La disparition subite de Satoru Iwata a soulevé une grande émotion partagée par les grands acteurs de l’industrie comme des joueurs du monde entier. À une exception près. Une frange cupide de spéculateurs financiers a de la plus détestable des manières salué le décès du président par une hausse de l’action Nintendo sur les principales places boursières de la planète. Désormais, ils anticipent de la direction par intérim une inflexion de cette stratégie du refus d’abandonner la fabrication de console propriétaire au bénéfice du statut improbable d’éditeur de jeux iOS/Android. La NX est-elle en sursis ? Pas pour tout de suite…

L’annonce de l’alliance avec DeNA, un champion local du jeu vidéo sur supports intelligents avait pourtant pour objectif premier d’assourdir les investisseurs les plus impatients. Mais les succinctes lignes sur la NX dont l’objet était d’envoyer un signe rassurant à son coeur de marché ont douché leur enthousiasme. Depuis le décès de la tête pensante de Nintendo, ces derniers ont fini de ronger leur frein. Ils attendent désormais de la direction bicéphale un signal fort. Que peut-elle attendre des deux hommes, Shigeru Miyamoto et Genyo Takeda, nouvelle incarnation du pouvoir chez Nintendo ?

Pour ainsi dire pas grand chose de “la vieille école”. Si ce n’est de préparer le terrain d’une sortie par le haut au prochain PDG.

L’aversion éprouvée par Miyamoto au plus haut poste directionnel exclut le créatif de l’appel à candidature prochainement formulée par le conseil d’administration. À maintes reprises, ce dernier a confié, avant d’être rapidement démenti par les communicants de Nintendo, sa détresse aux médias de revenir aux bases fondamentales de son métier de game designer. Il a également évoqué de son propre chef son âge avancé avec en corolaire les conditions de sa succession. Miyamoto s’est auto-exclu du jeu de pouvoir sans pourtant revendiquer une certaine influence parmi les décisionnaires clefs.

Bien que la lumière médiatique se refuse à lui, Genyo Takeda est une figure historique de Nintendo. À l’aune de sa 43ème année de présence au sein des pôles stratégiques en R&D, il a entre autres développé et fait épanouir sa qualité d’expertise fondée sur la loi des rendements décroissants. Autrement dit, à partir d’un certain niveau de technicité, la puissance augmente de moins en moins. La Wii ainsi que son successeur sont nés de cette constatation. Lui prêter une ambition présidentielle à l’âge de 66 ans alors que son rôle s’est jusqu’ici limité à observer les organes décisionnaires du haut de son fauteuil au sein du conseil administratif semble raisonnablement impossible.

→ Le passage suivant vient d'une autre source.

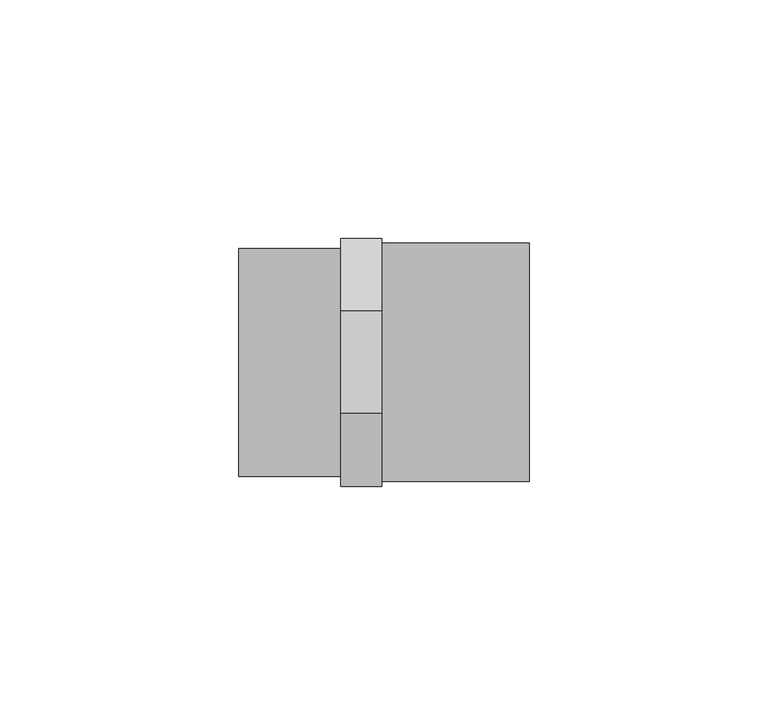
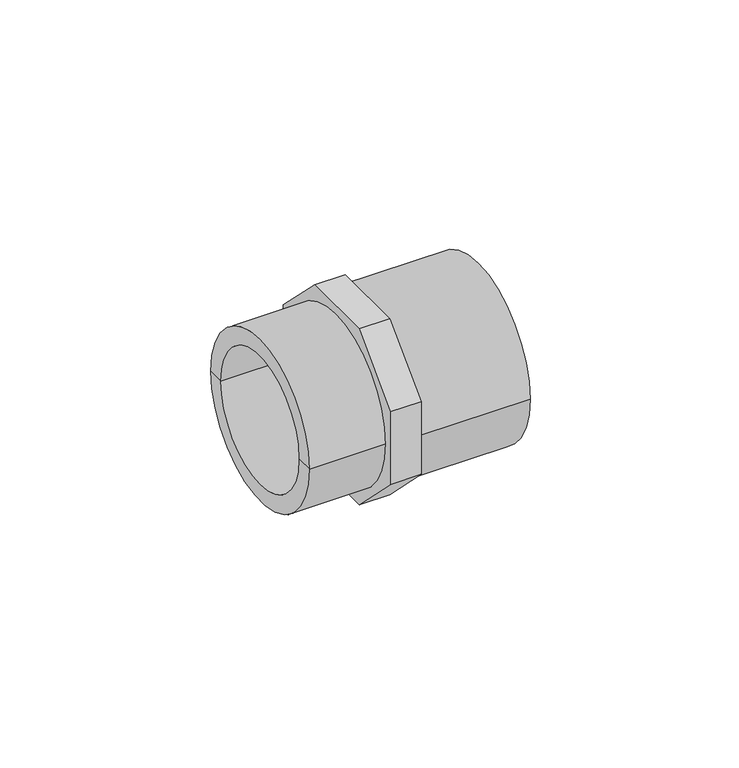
"""IFC4 building model written with IfcOpenShell, lengths in millimetres: pipe fitting geometry, Durapipe_PipeFitting_PVC_MaleThreadedAdaptors : 50 x 40 x G1-1⁄2."""

from ifc_helpers import new_model, si_unit, point, frame, origin, origin_2d, place, context, project, spatial, polyline, circle_curve, trimmed, segment, composite_curve, outline, extrude, source, transform, mapped, element, save
from ifc_brep_helpers import plane_surface, cylinder_surface, revolved_surface, advanced_brep


def pipe_fitting_d2d7d88c(model_context):
    return source(origin(), model_context, "Body", "SolidModel", [
        extrude(outline(polyline([(26.0, 10.7695526), (26.0, -10.7695526), (10.7695526, -26.0), (-10.7695526, -26.0), (-26.0, -10.7695526), (-26.0, 10.7695526), (-10.7695526, 26.0), (10.7695526, 26.0), (26.0, 10.7695526)]), holes=[composite_curve([segment(trimmed(circle_curve(origin_2d(), 19.0), [point((19.0, 0.0))], [point((-19.0, 0.0))], True, "CARTESIAN"), True, "CONTINUOUS"), segment(trimmed(circle_curve(origin_2d(), 19.0), [point((-19.0, 0.0))], [point((19.0, 0.0))], True, "CARTESIAN"), True, "CONTINUOUS")], self_intersect=False)]), frame((-8.6, 0.0, 0.0), z_axis=(1.0, 0.0, 0.0), x_axis=(0.0, 1.0, 0.0)), (0.0, 0.0, 1.0), 8.6),
        advanced_brep(
        [(0.0, -25.0, 0.0), (0.0, 25.0, 0.0), (31.0, 25.0, 0.0), (31.0, -25.0, 0.0), (31.0, 20.0, 0.0), (31.0, -20.0, 0.0), (0.0, 0.0, 0.0), (5.0, 20.0, 0.0), (5.0, -20.0, 0.0), (5.0, 0.0, 0.0)],
        [
            (0, 1, circle_curve(frame((0.0, 0.0, 0.0), z_axis=(1.0, 0.0, 0.0), x_axis=(0.0, 1.0, 0.0)), 25.0)),
            (1, 2),
            (2, 3, circle_curve(frame((31.0, 0.0, 0.0), z_axis=(-1.0, 0.0, 0.0), x_axis=(0.0, 1.0, 0.0)), 25.0)),
            (3, 0),
            (1, 0, circle_curve(frame((0.0, 0.0, 0.0), z_axis=(1.0, 0.0, 0.0), x_axis=(0.0, 1.0, 0.0)), 25.0)),
            (3, 2, circle_curve(frame((31.0, 0.0, 0.0), z_axis=(-1.0, 0.0, 0.0), x_axis=(0.0, 1.0, 0.0)), 25.0)),
            (2, 4),
            (4, 5, circle_curve(frame((31.0, 0.0, 0.0), z_axis=(-1.0, 0.0, 0.0), x_axis=(0.0, 1.0, 0.0)), 20.0)),
            (5, 3),
            (5, 4, circle_curve(frame((31.0, 0.0, 0.0), z_axis=(-1.0, 0.0, 0.0), x_axis=(0.0, 1.0, 0.0)), 20.0)),
            (0, 6),
            (6, 1),
            (7, 8, circle_curve(frame((5.0, 0.0, 0.0), z_axis=(-1.0, 0.0, 0.0), x_axis=(0.0, 1.0, 0.0)), 20.0)),
            (8, 5),
            (4, 7),
            (8, 7, circle_curve(frame((5.0, 0.0, 0.0), z_axis=(-1.0, 0.0, 0.0), x_axis=(0.0, 1.0, 0.0)), 20.0)),
            (7, 9),
            (9, 8),
        ],
        [
            cylinder_surface(frame((432.4572068, 0.0, 0.0), z_axis=(-1.0, 0.0, 0.0), x_axis=(0.0, 1.0, 0.0)), 25.0),
            plane_surface(frame((31.0, 0.0, 0.0), z_axis=(1.0, 0.0, 0.0), x_axis=(0.0, 1.0, 0.0))),
            plane_surface(frame((0.0, 0.0, 0.0), z_axis=(-1.0, 0.0, 0.0), x_axis=(0.0, 1.0, 0.0))),
            revolved_surface(polyline([(5.0, 20.0, 0.0), (31.0, 20.0, 0.0)]), (44.5575137, 0.0, 0.0), (-1.0, 0.0, 0.0)),
            plane_surface(frame((5.0, 0.0, 0.0), z_axis=(1.0, 0.0, 0.0), x_axis=(0.0, 1.0, 0.0))),
        ],
        [
            (0, [[1, 2, 3, 4]]),
            (0, [[-2, 5, -4, 6]]),
            (1, [[-3, 7, 8, 9]]),
            (1, [[-6, -9, 10, -7]]),
            (2, [[-1, 11, 12]]),
            (2, [[-5, -12, -11]]),
            (3, [[13, 14, -8, 15]]),
            (3, [[16, -15, -10, -14]]),
            (4, [[-13, 17, 18]]),
            (4, [[-16, -18, -17]]),
        ],
    ),
        advanced_brep(
        [(-8.6, -19.0, 0.0), (-8.6, 19.0, 0.0), (-30.0, 19.0, 0.0), (-30.0, -19.0, 0.0), (-8.6, -23.9, 0.0), (-8.6, 23.9, 0.0), (-30.0, -23.9, 0.0), (-30.0, 23.9, 0.0)],
        [
            (0, 1, circle_curve(frame((-8.6, 0.0, 0.0), z_axis=(1.0, 0.0, 0.0), x_axis=(0.0, 1.0, 0.0)), 19.0)),
            (1, 2),
            (2, 3, circle_curve(frame((-30.0, 0.0, 0.0), z_axis=(-1.0, 0.0, 0.0), x_axis=(0.0, 1.0, 0.0)), 19.0)),
            (3, 0),
            (1, 0, circle_curve(frame((-8.6, 0.0, 0.0), z_axis=(1.0, 0.0, 0.0), x_axis=(0.0, 1.0, 0.0)), 19.0)),
            (3, 2, circle_curve(frame((-30.0, 0.0, 0.0), z_axis=(-1.0, 0.0, 0.0), x_axis=(0.0, 1.0, 0.0)), 19.0)),
            (4, 5, circle_curve(frame((-8.6, 0.0, 0.0), z_axis=(1.0, 0.0, 0.0), x_axis=(0.0, 1.0, 0.0)), 23.9)),
            (5, 1),
            (0, 4),
            (5, 4, circle_curve(frame((-8.6, 0.0, 0.0), z_axis=(1.0, 0.0, 0.0), x_axis=(0.0, 1.0, 0.0)), 23.9)),
            (6, 7, circle_curve(frame((-30.0, 0.0, 0.0), z_axis=(1.0, 0.0, 0.0), x_axis=(0.0, 1.0, 0.0)), 23.9)),
            (7, 5),
            (4, 6),
            (7, 6, circle_curve(frame((-30.0, 0.0, 0.0), z_axis=(1.0, 0.0, 0.0), x_axis=(0.0, 1.0, 0.0)), 23.9)),
            (2, 7),
            (6, 3),
        ],
        [
            revolved_surface(polyline([(-30.0, 19.0, 0.0), (-8.600000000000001, 19.0, 0.0)]), (-45.0, 0.0, 0.0), (-1.0, 0.0, 0.0)),
            plane_surface(frame((-8.6, 0.0, 0.0), z_axis=(1.0, 0.0, 0.0), x_axis=(0.0, 1.0, 0.0))),
            cylinder_surface(frame((-45.0, 0.0, 0.0), z_axis=(-1.0, 0.0, 0.0), x_axis=(0.0, 1.0, 0.0)), 23.9),
            plane_surface(frame((-30.0, 0.0, 0.0), z_axis=(-1.0, 0.0, 0.0), x_axis=(0.0, 1.0, 0.0))),
        ],
        [
            (0, [[1, 2, 3, 4]]),
            (0, [[5, -4, 6, -2]]),
            (1, [[7, 8, -1, 9]]),
            (1, [[10, -9, -5, -8]]),
            (2, [[11, 12, -7, 13]]),
            (2, [[14, -13, -10, -12]]),
            (3, [[-3, 15, -11, 16]]),
            (3, [[-6, -16, -14, -15]]),
        ],
    ),
    ])


if __name__ == "__main__":
    model = new_model("IFC4")
    model_context = context("Model", 3, world=origin())
    ifc_project = project(units=[si_unit("LENGTHUNIT", "METRE", prefix="MILLI")], contexts=[model_context])
    site = spatial("IfcSite", under=ifc_project)
    building = spatial("IfcBuilding", under=site)
    placement = place(None, origin())
    pipe_fitting_shape = pipe_fitting_d2d7d88c(model_context)
    element("IfcPipeFitting", 1, ObjectType="Durapipe_PipeFitting_PVC_MaleThreadedAdaptors : 50 x 40 x G1-1⁄2", at=placement, inside=building, context=model_context, shape_type="MappedRepresentation", body=[
        mapped(pipe_fitting_shape, transform((0.0, 0.0, 0.0), x_axis=(1.0, 0.0, 0.0), y_axis=(0.0, 1.0, 0.0), z_axis=(0.0, 0.0, 1.0))),
    ])
    save(model, "model.ifc")

Quel sera donc le profil du prochain PDG ?

Tout sauf un homme issu du sérail de Satoru Iwata, répondraient en choeur les cercles financiers. À laquelle il faut ajouter la voix de l’ex-responsable de la branche indé de Nintendo, Dan Adelman. Remercié par ses supérieurs en raison de sa liberté de ton, il n’a pas fait économie de sa verve aigre-douce pour dénoncer une culture d’entreprise « passéiste » basée sur le culte absolu du consensus. Selon lui, le poids écrasant de la hiérarchie ne favorise pas l’émergence de cadres décisionnaires. À son sommet, Satoru Iwata effrayé à l’idée de « s’aliéner le moindre cadre », tandis que le reste des décideurs entourant le PDG de Nintendo est rattrapé par leur âge avancé dont le fort attachement au passé serait responsable de leur incapacité « à saisir pleinement le paysage vidéoludique actuel ».

La volonté d’avoir un homme neuf aux commandes de la société préfigurerait d’une vaste réorganisation interne avec en point d’orgue une redistribution des pouvoirs de décision. Et que cette question soit débattue au plus haut niveau : le retrait du marché des consoles. Dans ce contexte tendu, le projet NX risque d’entrer dans une zone de forte turbulence.